EXERCISE PROMPT: From the line with "Part sheet from" to the line with "Catalogue drawing. Say", retype every line exactly, including those two, and leave out the rest of the data below.

DATA RECORDS:
BEGIN

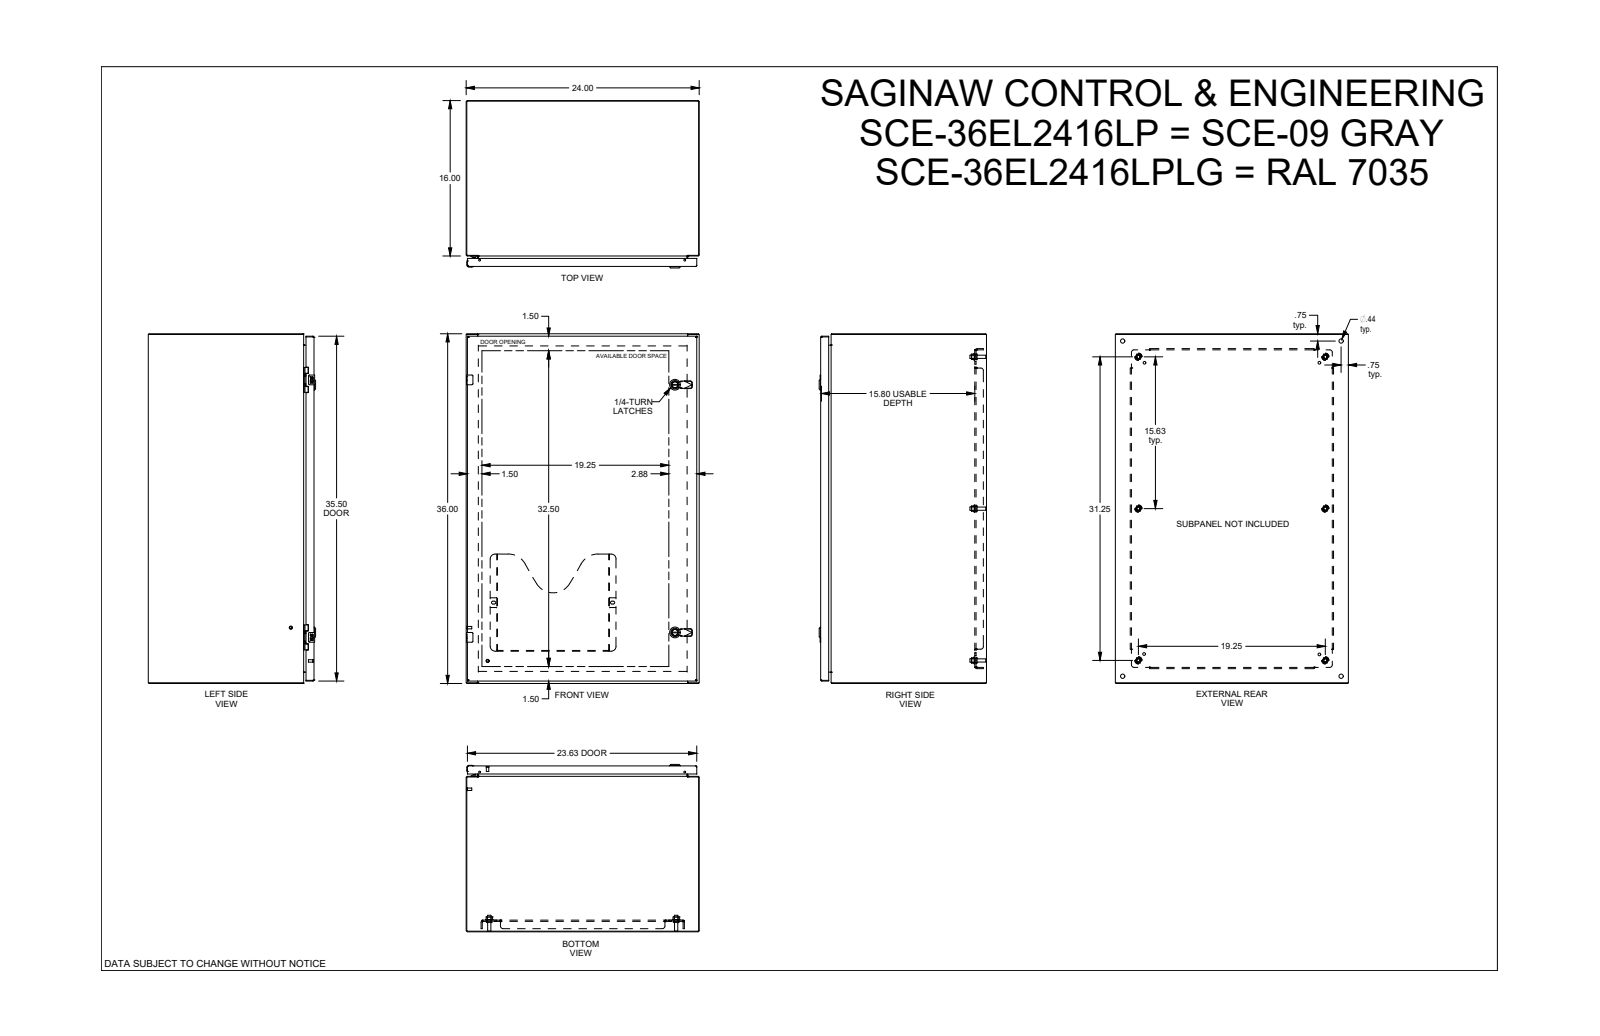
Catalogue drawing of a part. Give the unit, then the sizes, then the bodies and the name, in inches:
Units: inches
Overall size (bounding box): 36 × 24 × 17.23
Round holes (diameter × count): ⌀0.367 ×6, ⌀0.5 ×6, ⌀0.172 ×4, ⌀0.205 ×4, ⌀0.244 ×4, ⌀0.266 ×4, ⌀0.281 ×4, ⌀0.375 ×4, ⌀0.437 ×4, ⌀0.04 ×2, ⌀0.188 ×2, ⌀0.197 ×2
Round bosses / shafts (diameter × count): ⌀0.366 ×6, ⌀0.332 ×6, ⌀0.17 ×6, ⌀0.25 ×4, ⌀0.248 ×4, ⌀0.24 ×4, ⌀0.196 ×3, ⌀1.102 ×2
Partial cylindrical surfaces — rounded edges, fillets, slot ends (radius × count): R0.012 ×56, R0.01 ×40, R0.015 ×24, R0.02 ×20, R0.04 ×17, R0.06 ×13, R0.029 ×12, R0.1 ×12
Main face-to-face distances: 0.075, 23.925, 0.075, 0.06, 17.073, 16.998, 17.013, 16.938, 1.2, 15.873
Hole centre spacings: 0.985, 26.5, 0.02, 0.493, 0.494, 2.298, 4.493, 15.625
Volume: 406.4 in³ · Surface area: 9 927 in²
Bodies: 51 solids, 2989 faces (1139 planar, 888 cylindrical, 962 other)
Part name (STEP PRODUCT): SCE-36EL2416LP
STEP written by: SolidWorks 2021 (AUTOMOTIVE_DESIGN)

END
BEGIN

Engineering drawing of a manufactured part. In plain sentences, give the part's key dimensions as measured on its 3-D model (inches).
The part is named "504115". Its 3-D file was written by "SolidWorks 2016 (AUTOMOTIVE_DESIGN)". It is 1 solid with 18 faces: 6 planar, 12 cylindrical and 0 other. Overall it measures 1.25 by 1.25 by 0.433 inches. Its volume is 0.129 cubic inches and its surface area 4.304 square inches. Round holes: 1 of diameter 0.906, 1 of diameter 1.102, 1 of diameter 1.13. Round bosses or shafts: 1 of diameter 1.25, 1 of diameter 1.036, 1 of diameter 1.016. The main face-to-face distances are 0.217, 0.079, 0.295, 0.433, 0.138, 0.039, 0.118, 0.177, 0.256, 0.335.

END
BEGIN

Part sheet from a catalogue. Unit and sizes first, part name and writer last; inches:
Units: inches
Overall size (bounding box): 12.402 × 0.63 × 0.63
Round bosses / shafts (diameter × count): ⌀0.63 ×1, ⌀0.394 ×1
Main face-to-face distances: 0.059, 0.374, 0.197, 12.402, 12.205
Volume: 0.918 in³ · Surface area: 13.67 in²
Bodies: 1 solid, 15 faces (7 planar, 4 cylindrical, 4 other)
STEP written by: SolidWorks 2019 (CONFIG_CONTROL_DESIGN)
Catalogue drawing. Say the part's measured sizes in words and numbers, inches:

END

TASK SOLUTION:
Part sheet from a catalogue. Unit and sizes first, part name and writer last; inches:
Units: inches
Overall size (bounding box): 12.402 × 0.63 × 0.63
Round bosses / shafts (diameter × count): ⌀0.63 ×1, ⌀0.394 ×1
Main face-to-face distances: 0.059, 0.374, 0.197, 12.402, 12.205
Volume: 0.918 in³ · Surface area: 13.67 in²
Bodies: 1 solid, 15 faces (7 planar, 4 cylindrical, 4 other)
STEP written by: SolidWorks 2019 (CONFIG_CONTROL_DESIGN)
Catalogue drawing. Say the part's measured sizes in words and numbers, inches:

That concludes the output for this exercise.